Multiple pertussis toxin‐sensitive G‐proteins can couple receptors to GIRK channels in rat sympathetic neurons when expressed heterologously, but only native Gi‐proteins do soin situ

Abstract

Although many G‐protein‐coupled neurotransmitter receptors are potentially capable of modulating both voltage‐dependent Ca²⁺ channels (I_Ca) and G‐protein‐gated K⁺ channels (I_GIRK), there is a substantial degree of selectivity in the coupling to one or other of these channels in neurons. Thus, in rat superior cervical ganglion (SCG) neurons, M₂ muscarinic acetylcholine receptors (mAChRs) selectively activate I_GIRK whereas M₄ mAChRs selectively inhibit I_Ca. One source of selectivity might be that the two receptors couple preferentially to different G‐proteins.
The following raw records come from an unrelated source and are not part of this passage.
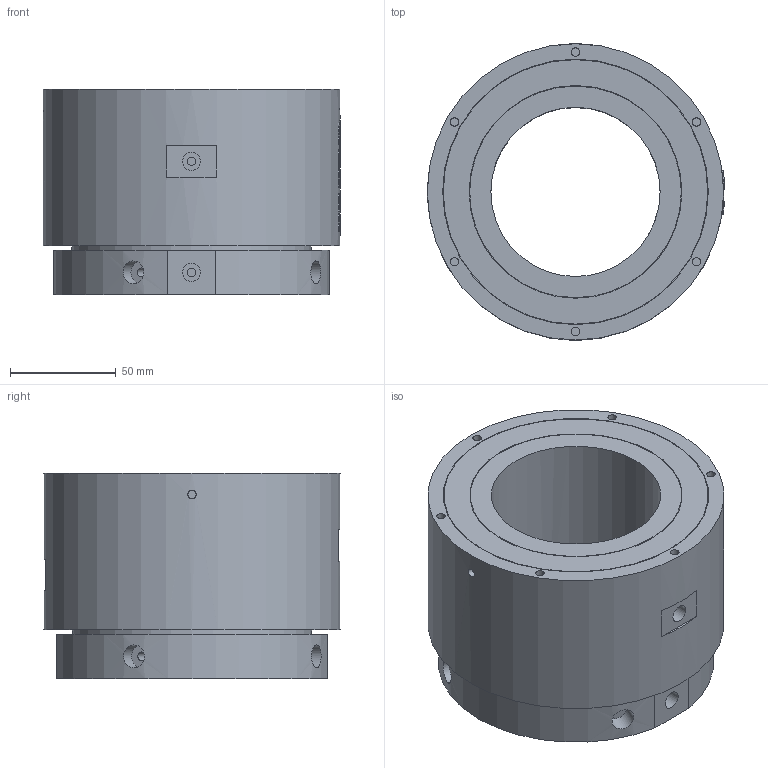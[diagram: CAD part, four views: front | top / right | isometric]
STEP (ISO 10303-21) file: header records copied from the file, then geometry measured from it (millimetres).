
FILE_DESCRIPTION(/* description */ (''),/* implementation_level */ '2;1');
FILE_NAME(/* name */ 'HQ0201D80.stp',/* time_stamp */ '2025-01-19T15:17:56+08:00',/* author */ (''),/* organization */ (''),/* preprocessor_version */ 'ST-DEVELOPER v16.7',/* originating_system */ 'SIEMENS PLM Software NX 12.0',/* authorisation */ '');
FILE_SCHEMA (('AUTOMOTIVE_DESIGN { 1 0 10303 214 3 1 1 1 }'));
Length unit declared in the file: millimetre
Products named in the file (1): HX05089CE4B9beg0
Bounding box: 140.49 x 140 x 97 mm (x, y, z)
Volume: 934691.6 mm3; surface area: 101938.1 mm2
Topology: 1 solids, 1 shells, 409 faces, 992 edges, 665 vertices
Faces by surface type: plane 230, extrusion 93, cylinder 57, bspline 29
Full cylindrical faces by diameter (mm): 4 x14, 4.2 x6, 7 x4, 8.5 x4, 10.875 x4, 80 x1, 100 x1, 100.5 x1, 113 x1, 125 x1, 125.5 x1, 140 x1
Entity records: 33481 total; most frequent: CARTESIAN_POINT 25103, ORIENTED_EDGE 1872, DIRECTION 1209, EDGE_CURVE 936, B_SPLINE_CURVE_WITH_KNOTS 695, VERTEX_POINT 661, EDGE_LOOP 551, AXIS2_PLACEMENT_3D 494

Using antisense depletion methods, we found that M₂ mAChR‐induced activation of I_GIRK is mediated by G_i whereas M₄ mAChR‐induced inhibition of I_Ca is mediated by G_oA. Experiments with the βγ‐sequestering peptides α‐transducin and βARK1_C‐ter indicate that, although both effects are mediated by G‐protein βγ subunits, the endogenous subunits involved in I_GIRK inhibition differ from those involved in I_Ca inhibition. However, this pathway divergence does not result from any fundamental selectivity in receptor–G‐protein–channel coupling because both I_GIRK and I_Ca modulation can be rescued by heterologously expressed G_i or G_o proteins after the endogenously coupled α‐subunits have been inactivated with Pertussis toxin (PTX). We suggest instead that the divergence in the pathways activated by the endogenous mAChRs results from a differential topographical arrangement of receptor, G‐protein and ion channel.